## Given entries
##############################
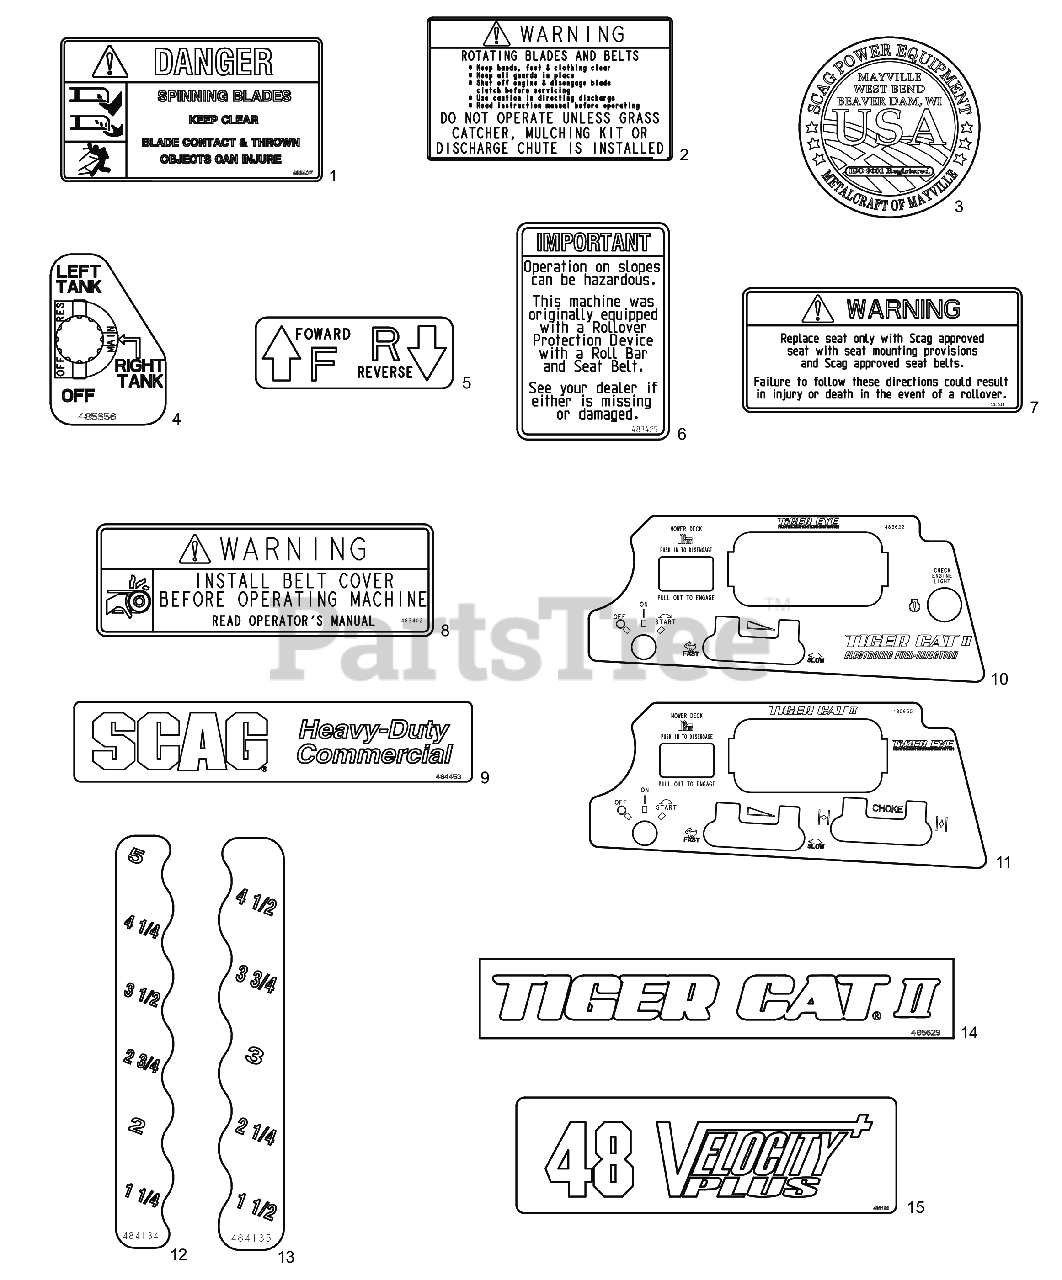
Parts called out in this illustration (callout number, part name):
1	Decal, Danger-Spinning Blades
2	Decal, Warning - Rotating Blades
3	Decal, Metalcraft - USA
4	Decal, Fuel Valve Position
5	Decal, Traction Control
6	Decal, ROPS
7	Decal, Seat Replacement
8	Decal, Warning - Belt Cover
9	Decal, Scag Heavy Duty Commercial
10	Decal, Instrument Panel - EFI
10	Decal, Instrument Panel - Kawasaki EFI
11	Decal, Instrument Panel
12	Decal, Deck Height - LH
13	Decal, Deck Height - RH
14	Decal, Tiger CatII
15	DECAL, VELOCITY PLUS - 48
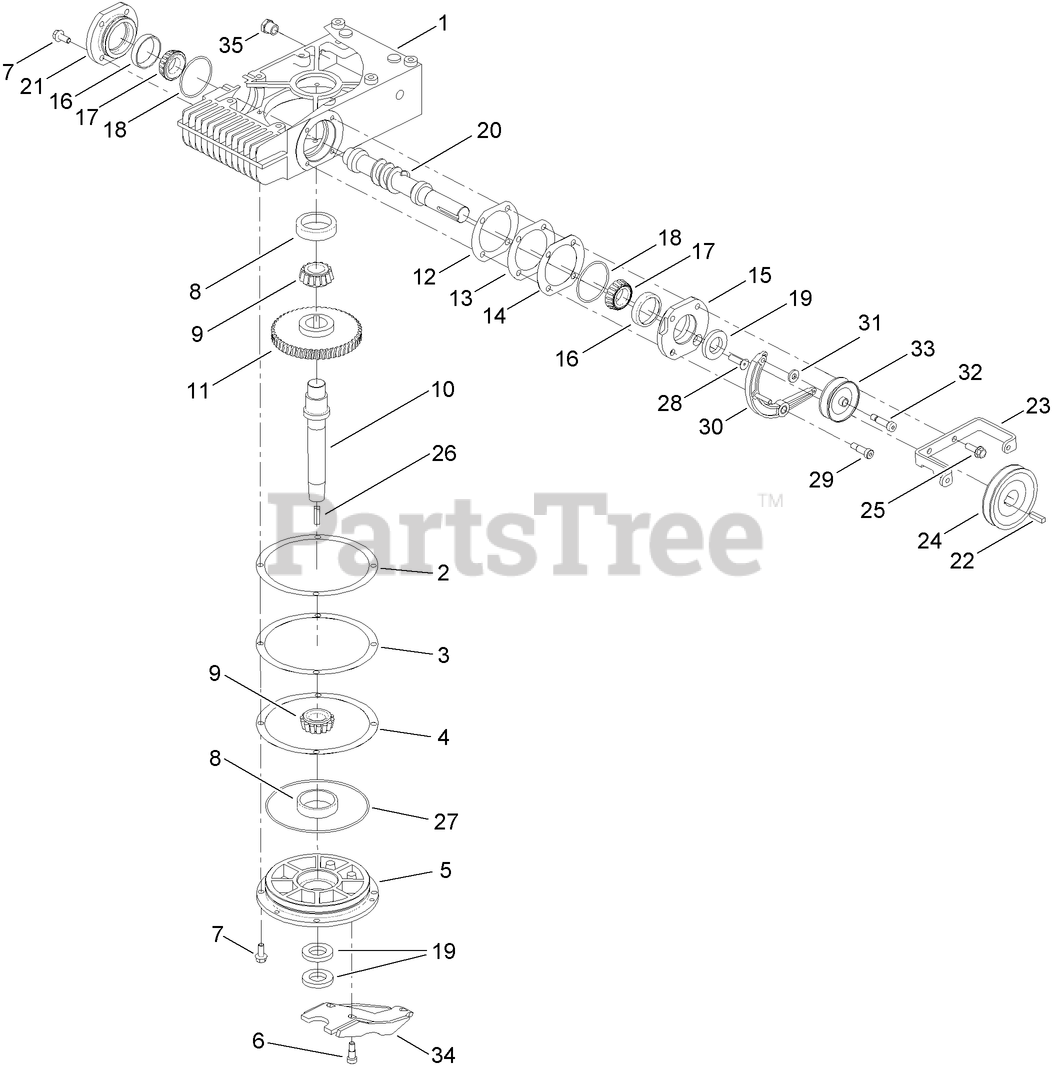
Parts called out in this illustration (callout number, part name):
1	GEARCASE
2	SHIM-COVER, BOTTOM (.001 INCH)
3	SHIM-COVER, BOTTOM (.005 INCH)
4	SHIM-COVER, BOTTOM (.010 INCH)
5	CAP-BEARING, BOTTOM
6	SCREW-HSBH
7	SCREW-HHF
8	BEARING-CUP
9	BEARING-CONE
10	SHAFT-OUTPUT
11	GEAR-WORM
12	SHIM-COVER, SIDE (.001 INCH)
13	SHIM-COVER, SIDE (.005 INCH)
14	SHIM-COVER, SIDE (.010 INCH)
15	COVER-BEARING, SHEAVE END
16	BEARING-CUP, TAPERED
17	BEARING-CONE, TAPERED
18	O-RING
19	SEAL-SHAFT
20	SHAFT-INPUT
21	COVER-BEARING, BLIND END
23	BRACKET-GUARD, BELT RED]
24	SHEAVE
25	SCREW-HHF
26	KEY-HARDENED
27	O-RING
28	SCREW
29	SCREW-SHOULDER, HSH
30	CLUTCH LEVER ASM
31	Washer
32	BOLT-SHOULDER
33	PULLEY-IDLER
34	LEVER-TILT
35	PLUG-SIGHT, OIL
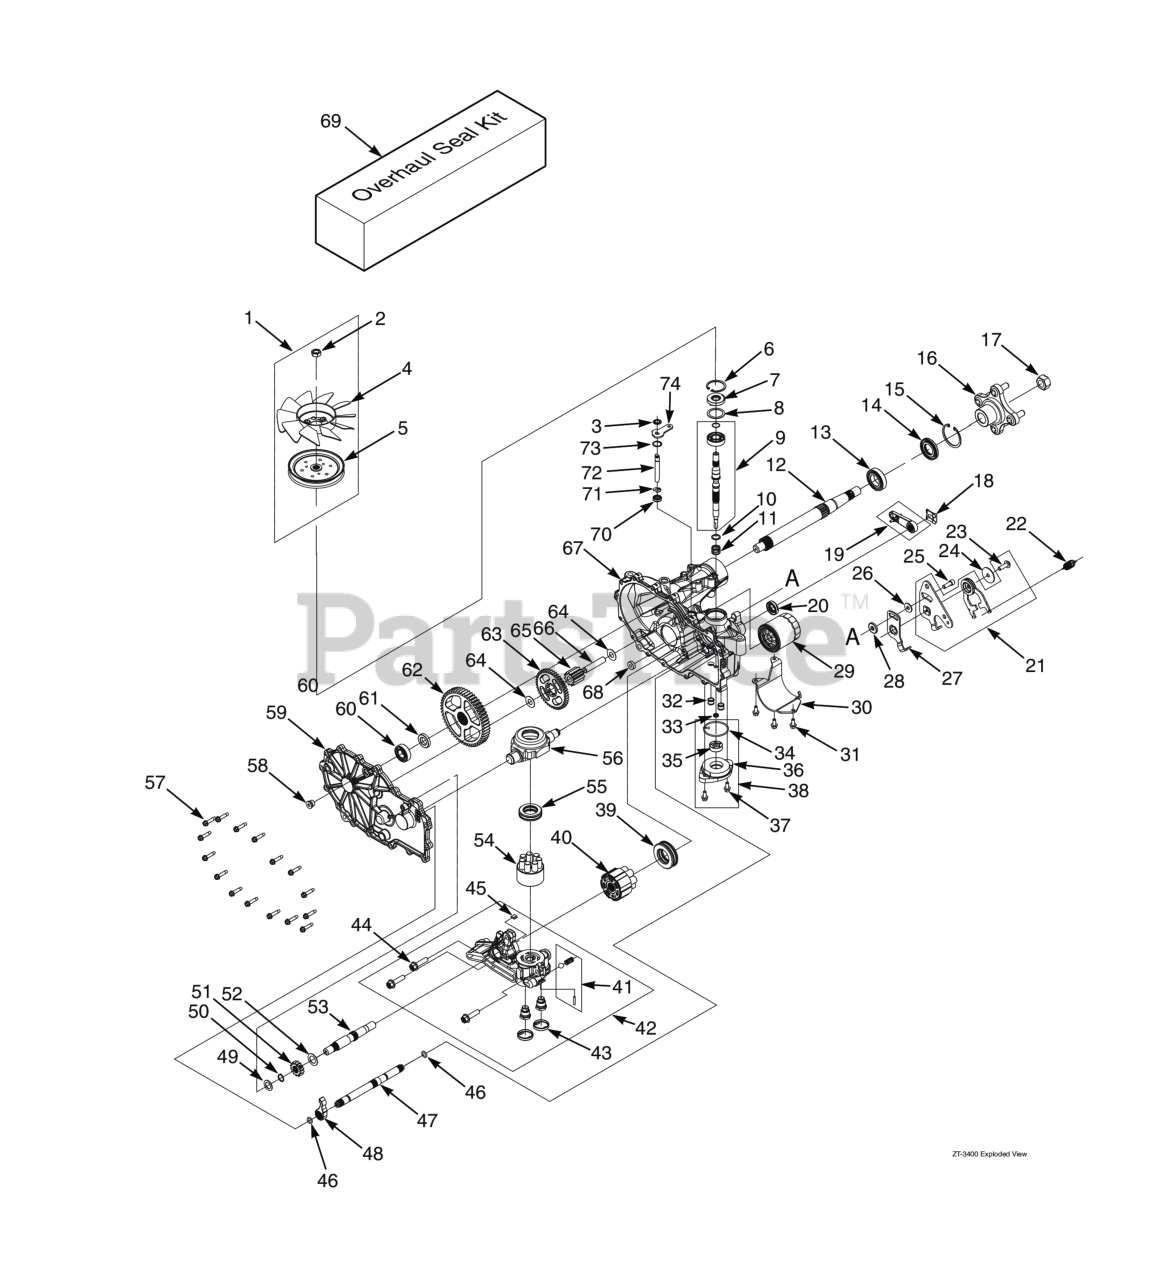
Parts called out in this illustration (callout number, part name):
1	Kit, Fan & Pulley
2	Fan Nut (order through Hydro-Gear)
3	Washer, OD Slotted .53 x 1.63 x .06
4	Fan, 7" (10 Blade)
5	Pulley"
6	Shaft, 2-Speed, Bevel
7	Seal, Lip 17 x 40 x 7
8	Washer, 1.23 x 1.56 x .04
9	Kit, Input Shaft
10	Washer, Flat .59 x .79 x .04
11	Spring, Block
12	Shaft, Axle
13	Bearing, Ball 1.0 x 52 x 15 Open
14	Seal, Lip 25 x 52 x 10 TC Gray
15	R i n g , Retaining 2.06 Internal
16	Hub, 4-Bolt
17	Nut, Hex Locking 3/4-16
18	Clip, Retaining
19	Lever, Brake (order through Hydro-Gear)
20	Seal, Lip 18 x 32 x 7
21	Kit, RTN Bi-Directional (Left Side)
21	Kit, RTN Bi-Directional (Right Side)
22	Spring, Extension, RTN - 44lbs
23	Bolt, Hex Head Cap Screw 5/16-24 x 1" Patch
24	Washer, .343 x 1.5 x .062
25	Bolt, Hex Head Cap Screw 5/16-24 x 1" Patch
26	Washer, 7/16 x 7/8 OD x .06 HT
27	Arm, Neutral (Right Side)
27	Arm, Neutral (Left Side)
28	Spacer, .320 x 1.005 x .179
29	Filter, Oil
30	Guard, Filter (Right Side)
30	Guard, Filter (Left Side)
31	Screw, Hex Flange 1/4-20 x .625
32	Tibe, Connecting
33	Seal, Lip 8 x 12 x 3-VC
34	O-Ring, -137 x .103 x 2.050
35	Gerotor Assembly (1.9 cc)
36	Cover, Charge Pump
37	Screw, Hex Flange 1/4-20 x .625
38	Kit, Charge Pump
39	Thrust Ball Bearing Assembly
40	Kit, Motor Cylinder Block
41	Kit, Charge Relief
42	Kit, Center Section (Right Side)
42	Kit, Center Section (Left Side)
43	Seal, Plug 1.250 x .250
44	Screw, Hex Flange Head 3/8-16 x 1-1/2"
45	Plate, By-Pass
46	O-Ring, -111 x .103 x 424
47	Shaft, Brake
48	Pawl, Brake
49	Washer, HT .62 ID x 1.0 OD x .05 Thick
50	Ring, Retaining .625
51	Gear, 13T Steel
52	Washer, .72 x 1.16 x .04
53	Shaft, Motor
54	Assembly, Block 7 Piston
55	Bearing, Thrust
56	Trunnion, Swashplate
57	Bolt, Hex Head 1/4-20 x 1-1/8"
58	Straight Thread Plug
59	Kit, Cover (Right Side)
59	Kit, Cover (Left Side)
60	Bearing, Ball .75 x 40 x 12
61	Spacer, .750 x 1.320 x .257
62	Gear, 54T
63	Gear, 45T
64	Washer, .5 x 1.0 x .03
65	Gear, 14T Steel
66	Jackshaft Pin
67	Kit, Housing Main (Right Side)
67	Kit, Housing Main (Left Side)
68	Magnet, Ring
69	Seal Kit
70	Seal, Lip .375 x .75 x .25
71	Ring, .Retaining .375 External
72	Rod, By-Pass
73	Ring, Retaining .750 Internal
74	Arm, By-Pass
75	Ring, Retainging .375 External
##############################
Wherever the string "Pass" turns up in the material, copy the whole line.

45	Plate, By-Pass
72	Rod, By-Pass
74	Arm, By-Pass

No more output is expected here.